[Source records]
########################################

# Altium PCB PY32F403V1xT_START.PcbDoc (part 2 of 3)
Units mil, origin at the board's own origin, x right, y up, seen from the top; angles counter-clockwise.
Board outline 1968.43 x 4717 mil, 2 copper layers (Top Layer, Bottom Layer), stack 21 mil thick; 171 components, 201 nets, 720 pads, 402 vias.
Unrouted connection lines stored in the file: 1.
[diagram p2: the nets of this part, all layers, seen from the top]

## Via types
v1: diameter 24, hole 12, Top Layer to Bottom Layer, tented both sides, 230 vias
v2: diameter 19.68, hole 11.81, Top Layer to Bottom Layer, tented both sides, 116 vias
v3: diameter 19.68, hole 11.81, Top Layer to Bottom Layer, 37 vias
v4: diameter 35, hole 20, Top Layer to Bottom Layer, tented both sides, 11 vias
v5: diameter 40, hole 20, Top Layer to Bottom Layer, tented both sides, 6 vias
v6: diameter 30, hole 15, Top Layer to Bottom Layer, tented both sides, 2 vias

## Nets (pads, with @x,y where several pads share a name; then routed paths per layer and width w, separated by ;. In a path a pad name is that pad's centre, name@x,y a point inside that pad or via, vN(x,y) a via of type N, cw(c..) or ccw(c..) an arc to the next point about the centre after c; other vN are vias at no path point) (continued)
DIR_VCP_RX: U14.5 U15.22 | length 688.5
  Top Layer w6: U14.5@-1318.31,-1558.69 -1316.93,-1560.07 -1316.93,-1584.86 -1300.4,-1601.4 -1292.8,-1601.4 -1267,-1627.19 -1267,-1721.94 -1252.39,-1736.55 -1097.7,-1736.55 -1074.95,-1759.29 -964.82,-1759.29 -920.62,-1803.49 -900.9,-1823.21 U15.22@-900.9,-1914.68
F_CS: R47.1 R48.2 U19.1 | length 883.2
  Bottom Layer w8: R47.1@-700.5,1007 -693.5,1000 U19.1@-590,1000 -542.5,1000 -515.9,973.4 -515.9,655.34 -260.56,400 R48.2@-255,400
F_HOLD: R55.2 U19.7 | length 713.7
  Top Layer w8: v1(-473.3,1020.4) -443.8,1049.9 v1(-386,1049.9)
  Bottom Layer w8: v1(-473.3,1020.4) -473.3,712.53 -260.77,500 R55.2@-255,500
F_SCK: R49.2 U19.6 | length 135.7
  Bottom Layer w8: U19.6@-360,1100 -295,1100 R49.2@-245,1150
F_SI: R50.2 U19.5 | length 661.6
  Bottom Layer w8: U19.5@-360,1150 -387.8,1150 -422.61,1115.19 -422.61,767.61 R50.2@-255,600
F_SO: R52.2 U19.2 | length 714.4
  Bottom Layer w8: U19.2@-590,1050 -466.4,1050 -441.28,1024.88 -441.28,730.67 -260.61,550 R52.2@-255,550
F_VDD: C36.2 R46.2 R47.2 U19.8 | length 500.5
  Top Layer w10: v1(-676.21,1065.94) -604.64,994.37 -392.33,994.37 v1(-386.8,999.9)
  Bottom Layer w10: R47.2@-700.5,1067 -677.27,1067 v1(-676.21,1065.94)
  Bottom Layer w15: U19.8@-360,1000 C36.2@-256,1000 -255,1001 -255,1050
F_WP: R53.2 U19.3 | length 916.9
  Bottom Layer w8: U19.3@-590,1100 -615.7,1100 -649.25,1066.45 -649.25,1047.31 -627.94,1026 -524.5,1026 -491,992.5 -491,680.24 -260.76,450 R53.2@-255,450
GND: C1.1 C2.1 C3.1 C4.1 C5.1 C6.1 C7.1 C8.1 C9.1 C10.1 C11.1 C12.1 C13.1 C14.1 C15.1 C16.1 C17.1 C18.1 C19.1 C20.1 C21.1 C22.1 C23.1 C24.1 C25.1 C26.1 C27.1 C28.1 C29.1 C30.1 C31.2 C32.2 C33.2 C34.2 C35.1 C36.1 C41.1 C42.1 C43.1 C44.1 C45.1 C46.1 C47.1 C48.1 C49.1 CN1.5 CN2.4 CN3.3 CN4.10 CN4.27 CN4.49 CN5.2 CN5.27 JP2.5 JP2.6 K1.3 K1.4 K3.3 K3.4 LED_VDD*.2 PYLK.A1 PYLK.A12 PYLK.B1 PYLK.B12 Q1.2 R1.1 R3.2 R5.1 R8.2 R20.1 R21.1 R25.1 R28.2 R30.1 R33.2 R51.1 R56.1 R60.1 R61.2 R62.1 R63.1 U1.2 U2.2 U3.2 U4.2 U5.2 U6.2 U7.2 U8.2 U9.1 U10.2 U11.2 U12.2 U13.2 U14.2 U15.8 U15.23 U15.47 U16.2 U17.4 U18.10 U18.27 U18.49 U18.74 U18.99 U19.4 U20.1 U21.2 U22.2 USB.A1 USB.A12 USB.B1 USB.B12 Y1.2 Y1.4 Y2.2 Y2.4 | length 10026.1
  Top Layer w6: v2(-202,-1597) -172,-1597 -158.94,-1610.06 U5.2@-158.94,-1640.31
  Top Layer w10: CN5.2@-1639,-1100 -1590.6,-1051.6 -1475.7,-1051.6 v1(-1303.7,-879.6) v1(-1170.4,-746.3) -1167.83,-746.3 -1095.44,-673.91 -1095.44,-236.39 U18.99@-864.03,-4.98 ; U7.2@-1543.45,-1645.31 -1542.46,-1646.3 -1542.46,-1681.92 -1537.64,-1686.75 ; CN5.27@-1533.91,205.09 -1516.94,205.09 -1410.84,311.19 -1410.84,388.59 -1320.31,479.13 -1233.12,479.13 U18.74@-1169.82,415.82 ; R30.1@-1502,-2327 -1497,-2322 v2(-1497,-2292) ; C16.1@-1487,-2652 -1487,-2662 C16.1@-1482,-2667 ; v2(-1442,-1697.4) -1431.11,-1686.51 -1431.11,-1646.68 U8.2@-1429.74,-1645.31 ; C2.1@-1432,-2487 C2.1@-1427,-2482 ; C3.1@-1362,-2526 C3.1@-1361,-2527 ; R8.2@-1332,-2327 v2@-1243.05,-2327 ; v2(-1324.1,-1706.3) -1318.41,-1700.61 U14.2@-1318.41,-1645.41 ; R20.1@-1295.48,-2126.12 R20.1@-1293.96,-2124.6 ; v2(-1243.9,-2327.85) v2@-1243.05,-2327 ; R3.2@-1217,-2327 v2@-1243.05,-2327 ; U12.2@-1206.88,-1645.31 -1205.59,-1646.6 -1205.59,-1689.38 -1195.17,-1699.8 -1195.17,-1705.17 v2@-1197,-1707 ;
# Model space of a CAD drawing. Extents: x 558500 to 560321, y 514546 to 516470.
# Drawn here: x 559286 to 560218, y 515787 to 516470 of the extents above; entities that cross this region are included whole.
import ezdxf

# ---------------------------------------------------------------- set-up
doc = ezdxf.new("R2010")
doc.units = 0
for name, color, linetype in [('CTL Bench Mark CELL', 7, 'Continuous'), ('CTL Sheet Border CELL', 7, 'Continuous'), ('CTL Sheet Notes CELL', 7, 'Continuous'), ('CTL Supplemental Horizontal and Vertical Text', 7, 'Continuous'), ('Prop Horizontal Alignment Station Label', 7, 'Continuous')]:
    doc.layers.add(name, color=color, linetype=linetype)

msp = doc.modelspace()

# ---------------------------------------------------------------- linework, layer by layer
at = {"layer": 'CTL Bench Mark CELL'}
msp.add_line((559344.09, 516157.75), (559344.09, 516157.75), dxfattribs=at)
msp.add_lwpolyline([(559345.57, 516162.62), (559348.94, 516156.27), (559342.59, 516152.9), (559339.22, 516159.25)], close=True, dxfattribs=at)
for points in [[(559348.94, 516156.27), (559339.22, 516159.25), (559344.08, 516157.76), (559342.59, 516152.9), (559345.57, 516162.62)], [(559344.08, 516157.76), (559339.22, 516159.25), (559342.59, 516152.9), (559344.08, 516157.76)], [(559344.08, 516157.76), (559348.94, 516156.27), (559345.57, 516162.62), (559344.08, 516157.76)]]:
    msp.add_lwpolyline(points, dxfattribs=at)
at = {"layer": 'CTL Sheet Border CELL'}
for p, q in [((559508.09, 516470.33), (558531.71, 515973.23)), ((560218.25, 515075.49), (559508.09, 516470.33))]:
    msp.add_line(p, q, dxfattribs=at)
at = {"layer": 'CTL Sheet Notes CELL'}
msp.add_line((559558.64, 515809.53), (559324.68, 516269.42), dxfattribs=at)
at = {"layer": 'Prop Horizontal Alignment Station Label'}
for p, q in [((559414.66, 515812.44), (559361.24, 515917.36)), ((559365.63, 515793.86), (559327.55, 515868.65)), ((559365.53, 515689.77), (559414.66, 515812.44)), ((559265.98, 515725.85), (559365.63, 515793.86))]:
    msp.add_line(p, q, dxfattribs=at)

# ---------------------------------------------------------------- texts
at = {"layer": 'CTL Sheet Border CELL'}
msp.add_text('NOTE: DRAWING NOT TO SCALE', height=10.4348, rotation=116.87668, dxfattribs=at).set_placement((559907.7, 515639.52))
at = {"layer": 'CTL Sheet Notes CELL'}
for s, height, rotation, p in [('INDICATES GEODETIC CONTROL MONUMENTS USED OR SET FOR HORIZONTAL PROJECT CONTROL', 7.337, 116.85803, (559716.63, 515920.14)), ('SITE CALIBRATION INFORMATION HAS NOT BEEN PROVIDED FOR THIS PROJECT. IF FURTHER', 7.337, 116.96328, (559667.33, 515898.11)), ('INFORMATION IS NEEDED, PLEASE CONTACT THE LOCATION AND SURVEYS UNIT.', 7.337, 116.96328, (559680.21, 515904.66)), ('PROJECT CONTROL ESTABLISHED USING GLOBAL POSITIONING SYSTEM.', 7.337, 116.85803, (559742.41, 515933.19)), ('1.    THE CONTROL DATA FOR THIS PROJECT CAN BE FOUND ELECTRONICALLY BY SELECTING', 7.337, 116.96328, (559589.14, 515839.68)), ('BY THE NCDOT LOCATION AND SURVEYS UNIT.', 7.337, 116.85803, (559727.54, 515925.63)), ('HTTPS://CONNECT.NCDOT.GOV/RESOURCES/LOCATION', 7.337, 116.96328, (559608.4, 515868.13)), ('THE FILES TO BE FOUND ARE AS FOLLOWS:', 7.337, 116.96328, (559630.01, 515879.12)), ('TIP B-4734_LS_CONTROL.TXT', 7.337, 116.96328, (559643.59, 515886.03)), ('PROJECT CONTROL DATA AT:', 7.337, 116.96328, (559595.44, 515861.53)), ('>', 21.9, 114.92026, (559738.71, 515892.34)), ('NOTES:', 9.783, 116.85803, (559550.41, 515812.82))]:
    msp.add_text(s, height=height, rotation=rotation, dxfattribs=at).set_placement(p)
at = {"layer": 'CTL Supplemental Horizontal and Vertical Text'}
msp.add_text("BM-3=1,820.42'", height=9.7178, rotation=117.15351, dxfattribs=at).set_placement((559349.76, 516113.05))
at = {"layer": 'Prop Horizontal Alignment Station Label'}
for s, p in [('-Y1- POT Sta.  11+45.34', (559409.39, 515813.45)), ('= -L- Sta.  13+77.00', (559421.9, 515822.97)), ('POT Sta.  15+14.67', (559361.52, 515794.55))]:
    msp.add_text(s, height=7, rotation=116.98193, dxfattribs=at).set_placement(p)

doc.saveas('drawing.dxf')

########################################

Count every line in the preceding entries where the string "Vertical" appears, then state only the total.

2